Agents, underwriters or dealers may engage in transactions with or perform services for us in the ordinary course of business.

 

LEGAL MATTERS

The validity of the securities offered by this prospectus will be passed upon for us by Jones, Walker, Waechter, Poitevent, Carrère & Denègre, L.L.P., New Orleans, Louisiana.

 

EXPERTS

The consolidated financial statements of Horizon Offshore, Inc. and subsidiaries as of December 31, 2003 and 2002 and for each of the two years in the period ended December 31, 2003 incorporated in this prospectus by reference to the Annual Report on Form 10-K for the year ended December 31, 2003 have been so incorporated in reliance on the report (which contains an explanatory paragraph relating to the issuance of Subordinated Notes on March 11, 2004 and the Company's financing and liquidity position) of PricewaterhouseCoopers LLP, independent accountants, given on the authority of said firm as experts in auditing and accounting.

The consolidated financial statements of Horizon Offshore, Inc. and subsidiaries as of and for the one-year period ended December 31, 2001 have been incorporated by reference in this registration statement in reliance upon the report of Arthur Andersen LLP, independent accountants, incorporated by reference herein, and upon the authority of said firm as experts in accounting and auditing. Arthur Andersen has not consented to the inclusion of their report in this prospectus, and in reliance on Rule 437a under the Securities Act, we have not obtained their consent to do so.

 

PART II

INFORMATION NOT REQUIRED IN PROSPECTUS

Item 14.     Other Expenses of Issuance and Distribution.

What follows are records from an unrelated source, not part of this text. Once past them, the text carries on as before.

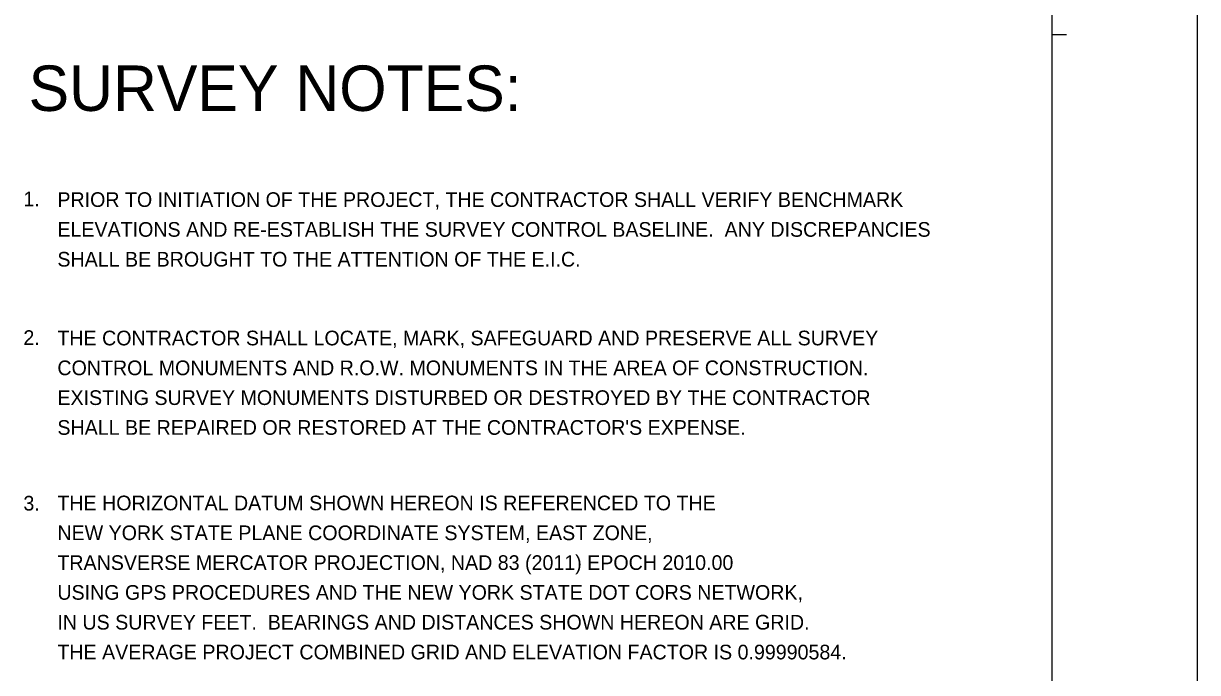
# Model space of a CAD drawing. Extents: x 359002 to 361405, y 1522603 to 1525369.
# Drawn here: x 361001.8 to 361404.8, y 1522823.9 to 1523046.7 of the extents above; entities that cross this region are included whole.
import ezdxf

# ---------------------------------------------------------------- set-up
doc = ezdxf.new("R2010")
doc.units = 0
for name, color, linetype in [('Default', 7, 'Continuous'), ('Manuscript', 7, 'Continuous'), ('SHEET_BORDER', 7, 'Continuous'), ('SHEET_BORDER_EDGE', 7, 'Continuous')]:
    doc.layers.add(name, color=color, linetype=linetype)

msp = doc.modelspace()

# ---------------------------------------------------------------- linework, layer by layer
at = {"layer": 'SHEET_BORDER'}
msp.add_line((361354.78, 1523042.89), (361359.78, 1523042.89), dxfattribs=at)
msp.add_lwpolyline([(361354.78, 1522628.52), (361349.78, 1522623.52), (360099.78, 1522623.52), (360094.78, 1522628.52), (360094.78, 1523457.27), (360099.78, 1523462.27), (361349.78, 1523462.27), (361354.78, 1523457.27)], close=True, dxfattribs=at)
at = {"layer": 'SHEET_BORDER_EDGE'}
msp.add_lwpolyline([(360044.78, 1522602.9), (361404.78, 1522602.9), (361404.78, 1523482.89), (360044.78, 1523482.89)], close=True, dxfattribs=at)

# ---------------------------------------------------------------- texts
at = {"layer": 'Default'}
msp.add_text('SURVEY NOTES:', height=15.6, dxfattribs=at).set_placement((361003.52, 1523016.67))
at = {"layer": 'Manuscript'}
for s, height, p in [('1.', 5.036, (361001.74, 1522983.95)), ('PRIOR TO INITIATION OF THE PROJECT, THE CONTRACTOR SHALL VERIFY BENCHMARK', 5.0361, (361013.41, 1522983.71)), ('ELEVATIONS AND RE-ESTABLISH THE SURVEY CONTROL BASELINE.  ANY DISCREPANCIES', 5.0361, (361013.41, 1522973.47)), ('SHALL BE BROUGHT TO THE ATTENTION OF THE E.I.C.', 5.0361, (361013.41, 1522963.24)), ('2.', 5.036, (361001.74, 1522936.34)), ('THE CONTRACTOR SHALL LOCATE, MARK, SAFEGUARD AND PRESERVE ALL SURVEY', 5.0361, (361013.41, 1522936.19)), ('CONTROL MONUMENTS AND R.O.W. MONUMENTS IN THE AREA OF CONSTRUCTION.', 5.0361, (361013.41, 1522925.95)), ('EXISTING SURVEY MONUMENTS DISTURBED OR DESTROYED BY THE CONTRACTOR', 5.0361, (361013.41, 1522915.72)), ("SHALL BE REPAIRED OR RESTORED AT THE CONTRACTOR'S EXPENSE. ", 5.0361, (361013.41, 1522905.48)), ('3.', 5.036, (361001.74, 1522879.48)), ('THE HORIZONTAL DATUM SHOWN HEREON IS REFERENCED TO THE ', 5.0361, (361013.41, 1522879.56)), ('NEW YORK STATE PLANE COORDINATE SYSTEM, EAST ZONE, ', 5.0361, (361013.41, 1522869.32)), ('TRANSVERSE MERCATOR PROJECTION, NAD 83 (2011) EPOCH 2010.00', 5.0361, (361013.41, 1522859.09)), ('USING GPS PROCEDURES AND THE NEW YORK STATE DOT CORS NETWORK,', 5.0361, (361013.41, 1522848.85)), ('IN US SURVEY FEET.  BEARINGS AND DISTANCES SHOWN HEREON ARE GRID.', 5.0361, (361013.41, 1522838.62)), ('THE AVERAGE PROJECT COMBINED GRID AND ELEVATION FACTOR IS 0.99990584.', 5.0361, (361013.41, 1522828.38))]:
    msp.add_text(s, height=height, dxfattribs=at).set_placement(p)

doc.saveas('drawing.dxf')

The fees and expenses payable by us in connection with the issuance and distribution of the securities of Horizon Offshore, Inc. (the "Company") registered hereunder are as follows:

 

Securities and Exchange Commission

     registration fee

$

3,484.16

*Legal fees and expenses

30,000.00

*Accounting fees and expenses

 15,000.00

*Printing

5,000.00

*Miscellaneous

2,000.00

   Total: $ 55,484.16

                * Estimated.

Item 15.     Indemnification of Directors and Officers.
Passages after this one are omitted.